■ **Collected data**
--------

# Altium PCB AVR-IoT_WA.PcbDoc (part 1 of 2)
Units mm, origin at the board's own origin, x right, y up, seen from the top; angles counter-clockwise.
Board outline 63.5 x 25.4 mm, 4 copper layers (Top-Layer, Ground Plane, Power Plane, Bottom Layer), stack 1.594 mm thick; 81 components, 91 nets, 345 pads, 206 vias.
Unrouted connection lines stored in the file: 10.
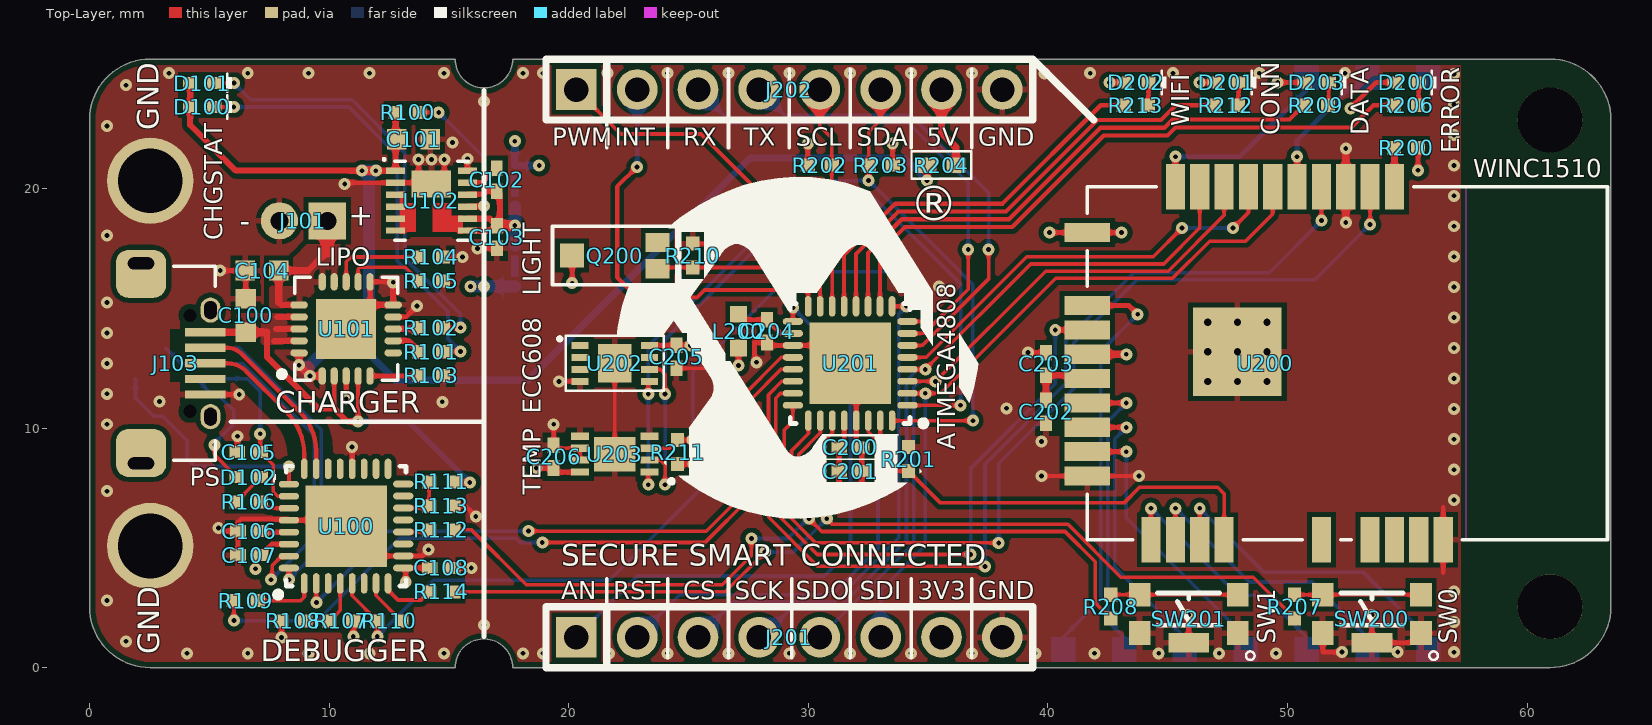
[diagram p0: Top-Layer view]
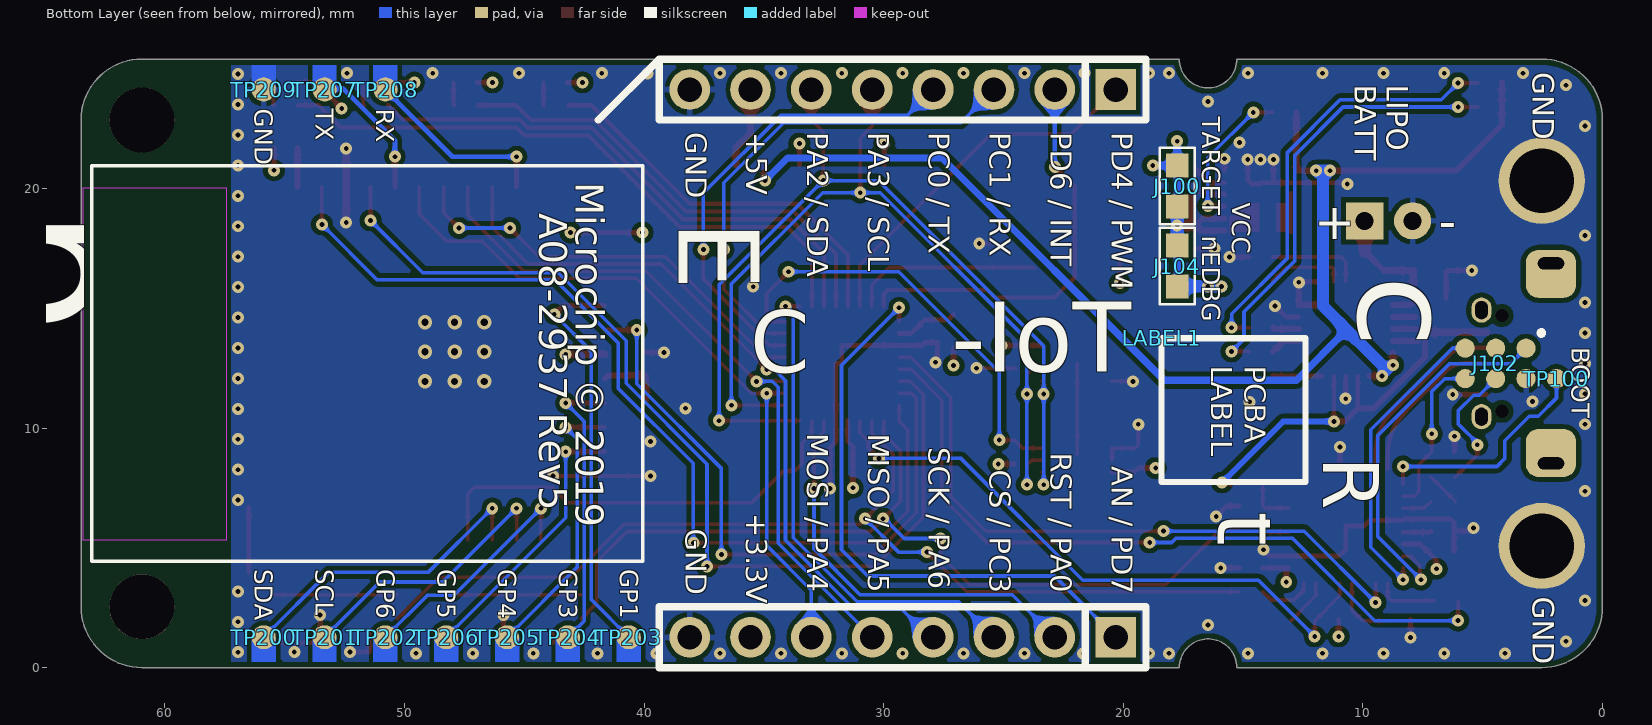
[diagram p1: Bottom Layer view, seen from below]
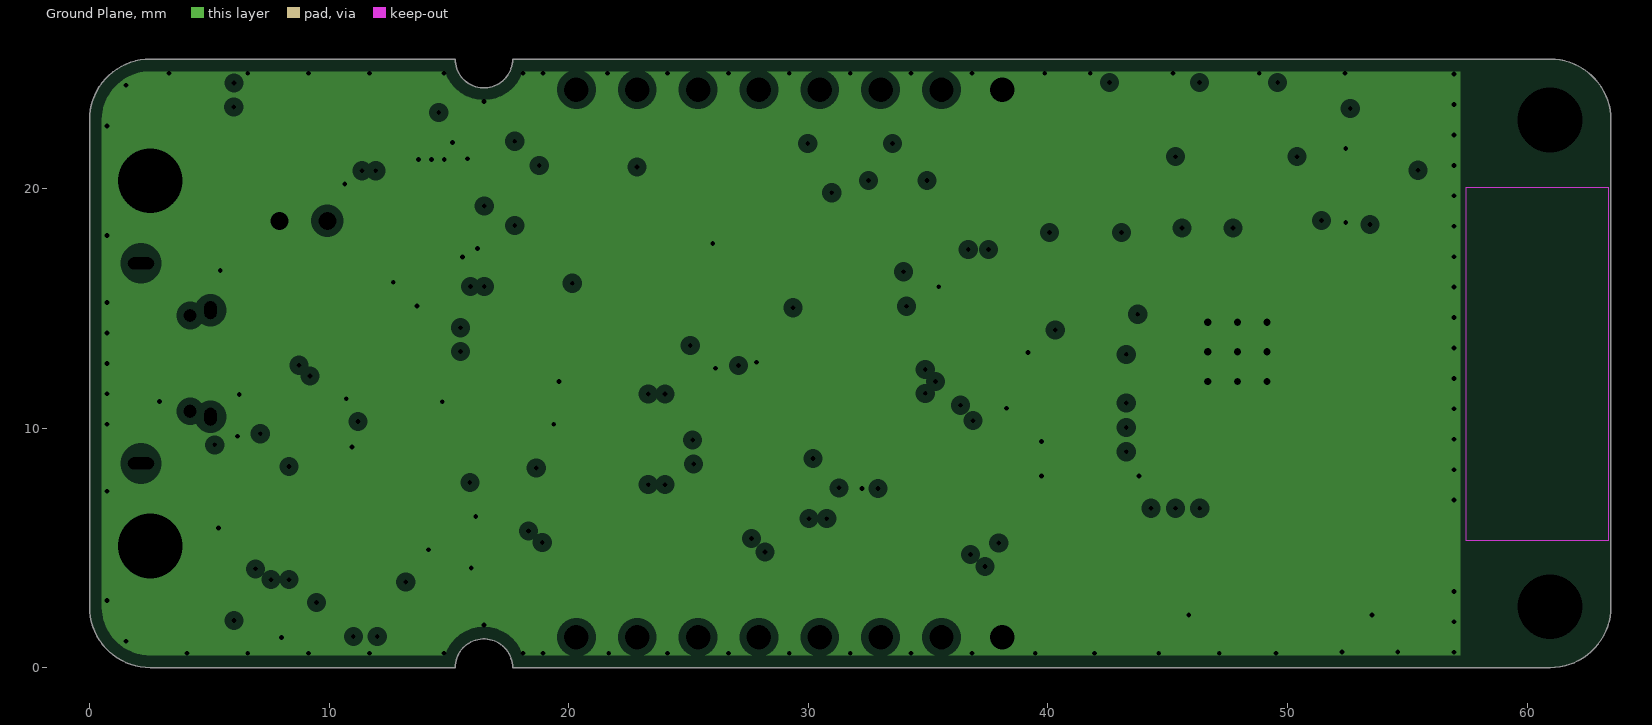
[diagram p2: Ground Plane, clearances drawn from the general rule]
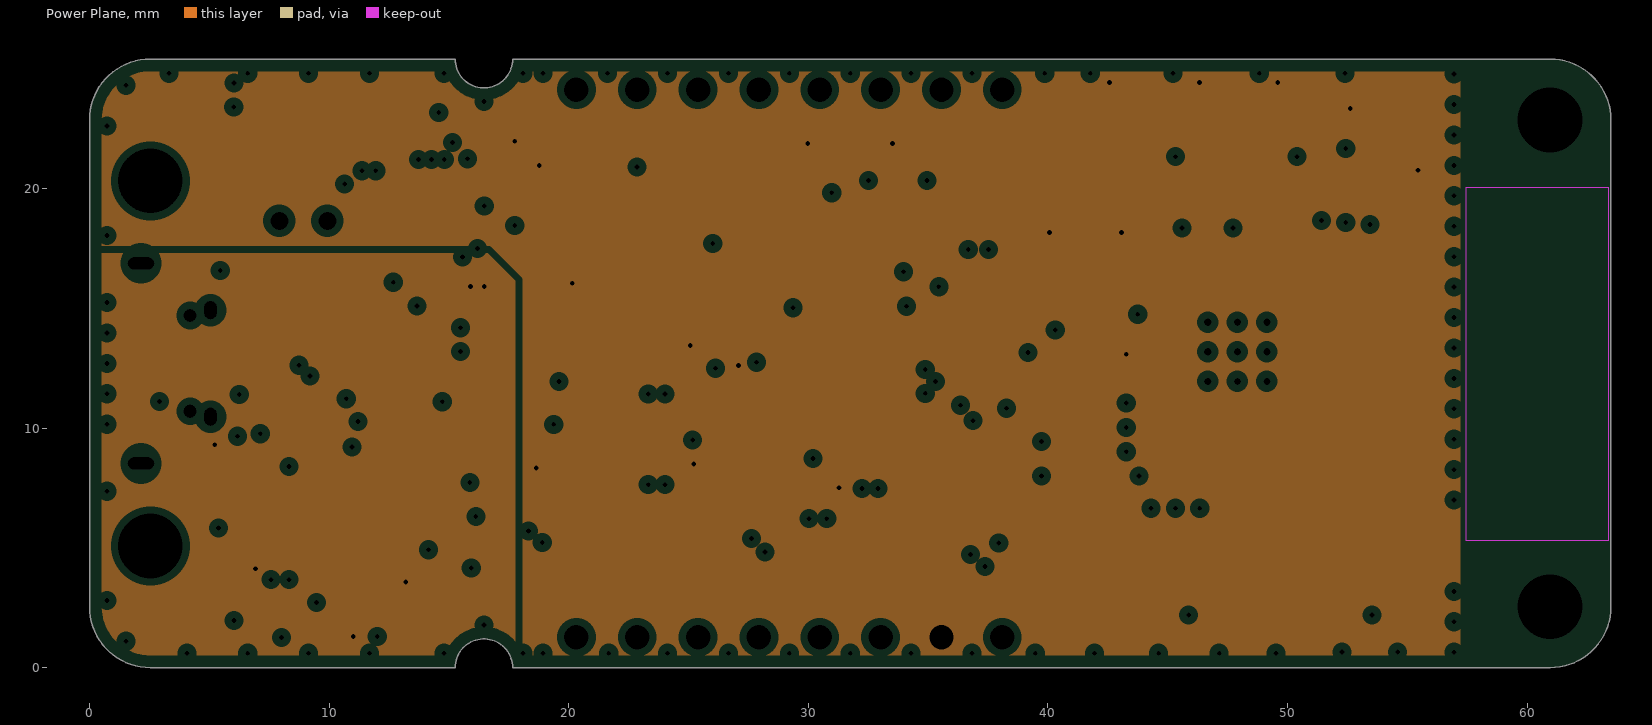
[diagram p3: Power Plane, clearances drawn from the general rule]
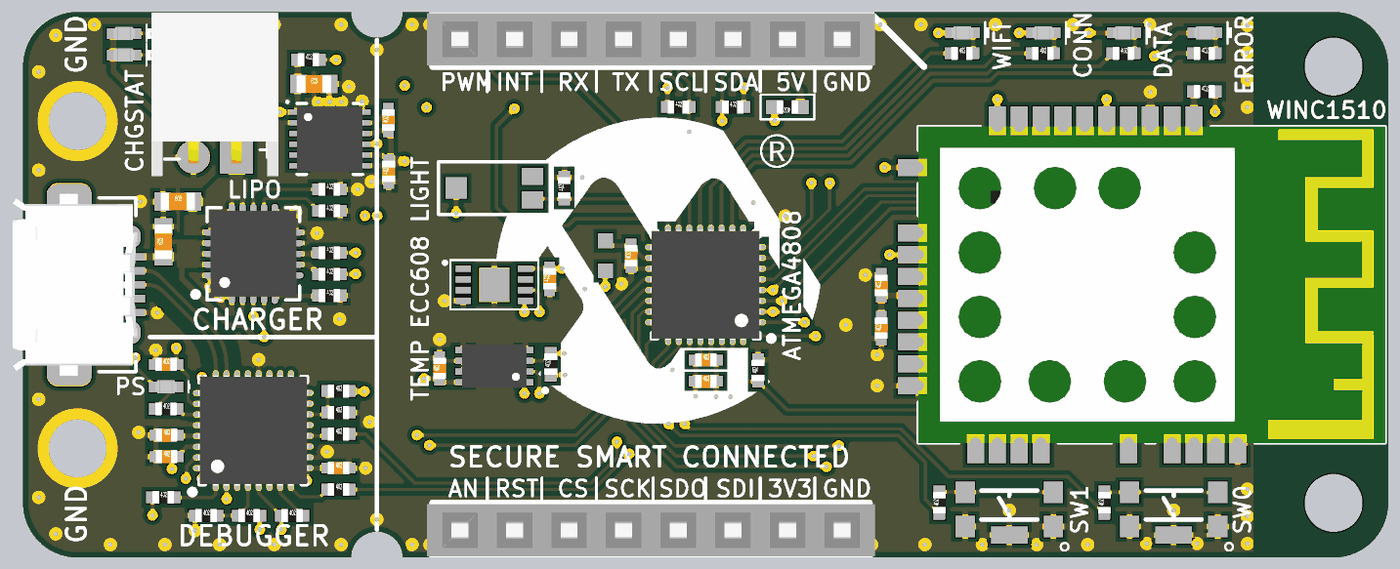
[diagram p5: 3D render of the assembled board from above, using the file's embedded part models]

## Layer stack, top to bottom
Top Solder: solder mask 0.0102, Solder Resist, Dk 3.5
Top-Layer: signal copper 0.035
Dielectric 1: prepreg 0.127, FR-4, Dk 4.2
Ground Plane: plane copper 0.035, net GND
Dielectric 3: core 1.2, Dk 4.2
Power Plane: plane copper 0.035, net (Multiple Nets)
Dielectric 4: prepreg 0.127, Dk 4.2
Bottom Layer: signal copper 0.035
Bottom Solder: solder mask 0.0102, Solder Resist, Dk 3.5

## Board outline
0,2.54 0,22.86 cw(c2.54,22.86) 2.54,25.4 15.26,25.4 ccw(c16.46,25.4) 17.66,25.4 60.96,25.4 cw(c60.96,22.86) 63.5,22.86 63.5,2.54 cw(c60.96,2.54) 60.96,0 17.66,0 ccw(c16.46,0) 15.26,0 2.54,0 cw(c2.54,2.54)

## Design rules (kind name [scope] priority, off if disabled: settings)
AcuteAngle [All] p1: minimum=8.00000000000000E+0001 checktracksonly=TRUE
AssemblyTestPointUsage [All] p1: valid=2 allowmultiple=TRUE
AssemblyTestpoint AssemblyTestpoint_1 [OnBottomLayer and IsComponent] p1: testpointundercomponent=TRUE minsize=0.8 maxsize=10 preferedsize=0.8 minholesize=0 maxholesize=5 preferedholesize=0.25 testpointgrid=0.025 usegrid=FALSE gridtolerance=0 allowsidebottom=TRUE minspacing=1.27 compbodyclearance=1.27
AssemblyTestpoint [All] p2: testpointundercomponent=TRUE minsize=0.8 maxsize=10 preferedsize=0.8 minholesize=0 maxholesize=5 preferedholesize=0.25 testpointgrid=0.025 usegrid=FALSE gridtolerance=0 allowsidebottom=TRUE minspacing=1.27
BoardOutlineClearance BoardOutlineClearance_SilkTracks [IsTrack AND (OnTopSilkscreen OR OnBottomSilkscreen)] p1: gap=0 ignorepadtopadclearanceinfootprint=FALSE
BoardOutlineClearance [All] p2: gap=0.25 ignorepadtopadclearanceinfootprint=FALSE
Clearance Clearance_Via_in_Pad [IsVia AND InNet('GND')] p1: gap=0 ignorepadtopadclearanceinfootprint=FALSE
Clearance Clearance_Poly_Impedance [IsRegion vs InDifferentialPairClass('All Differential Pairs')] p2: gap=0.6 ignorepadtopadclearanceinfootprint=FALSE except(0: Arc-Hole Track-Hole SMDPad-Hole THPad-Hole Via-Hole Fill-Hole Poly-Hole Region-Hole Text-Hole)
Clearance Clearance_Poly [InPoly] p3: gap=0.2 ignorepadtopadclearanceinfootprint=FALSE
Clearance Clearance_same_net [All] p4: gap=0 ignorepadtopadclearanceinfootprint=FALSE
Clearance [All] p5: gap=0.15 ignorepadtopadclearanceinfootprint=FALSE
ComponentClearance ComponentClearance_BETWEEN_TESTPOINTS [InComponentClass('Testpoints') or HasFootprint('AP8-01149') vs InComponentClass('Testpoints') or HasFootprint('AP8-01149')] p1: gap=0 collisioncheckmode=3 verticalgap=0 showdistances=FALSE
ComponentClearance ComponentClearance_BOOT [InComponent('TP100') vs InComponent('J102')] p2: gap=0 collisioncheckmode=3 verticalgap=0 showdistances=FALSE
ComponentClearance ComponentClearance_LABEL [InComponent('LABEL1')] p3: gap=0 collisioncheckmode=3 verticalgap=0 showdistances=FALSE
ComponentClearance [All] p4: gap=0.254 collisioncheckmode=3 verticalgap=0.254 showdistances=TRUE
DiffPairsRouting [All] p1: maxlimit=0.22 minlimit=0.2 mostfreqgap=0.2 toplayer_minwidth=0.18 toplayer_maxwidth=0.18 toplayer_prefwidth=0.18 bottomlayer_minwidth=0.18 bottomlayer_maxwidth=0.18 bottomlayer_prefwidth=0.18 maxuncoupledlength=20
FabricationTestPointUsage TestPointUsage [All] p1: valid=2 allowmultiple=TRUE
FabricationTestpoint Testpoint [All] p1: side=2 testpointundercomponent=TRUE minsize=0.55 maxsize=10 preferedsize=0.8 minholesize=0 maxholesize=5 preferedholesize=0.25 testpointgrid=0 allowsidebottom=TRUE usegrid=FALSE gridtolerance=0 minspacing=1.27
HoleSize [All] p1: absolutevalues=TRUE maxlimit=10 minlimit=0.2 maxpercent=80.000 minpercent=20.000
HoleToHoleClearance HoleToHoleClearance_NPTH [(HoleDiameter > 0) And (PadIsPlated = 'False')] p1: gap=0.25 allowstackedmicrovias=TRUE
HoleToHoleClearance [All] p2: gap=0.3 allowstackedmicrovias=TRUE
MinimumAnnularRing [All] p1: minimumring=0.15
MinimumSolderMaskSliver [All] p1: minsoldermaskwidth=0.08
NetAntennae [Not IsTestpoint] p1: netantennaetolerance=0
PlaneClearance [All] p1: clearance=0.3
PlaneConnect PlaneConnect_VIA [IsVia OR HasPad('Free-666') OR HasPad('Free-EDGE')] p1: planeconnectstyle=Direct reliefexpansion=0.508 reliefentries=4 reliefconductorwidth=0.254 reliefairgap=0.254
PlaneConnect [All] p2: planeconnectstyle=Relief reliefexpansion=0.508 reliefentries=4 reliefconductorwidth=0.254 reliefairgap=0.254
PolygonConnect PolygonConnect_VIA [IsVia OR HasPad('Free-666') OR HasFootprint('AP8-00870')] p1: connectstyle=Direct reliefconductorwidth=0.254 reliefentries=4 polygonreliefangle="90 Angle" airgapwidth=0.254
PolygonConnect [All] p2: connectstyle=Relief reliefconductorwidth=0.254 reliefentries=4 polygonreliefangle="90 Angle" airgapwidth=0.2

--------

■ **TASK PROMPT**
Each line in the data where the string "part" occurs should be identified and copied.

■ **SOLUTION FOR THIS PROBLEM**
# Altium PCB AVR-IoT_WA.PcbDoc (part 1 of 2)
[diagram p5: 3D render of the assembled board from above, using the file's embedded part models]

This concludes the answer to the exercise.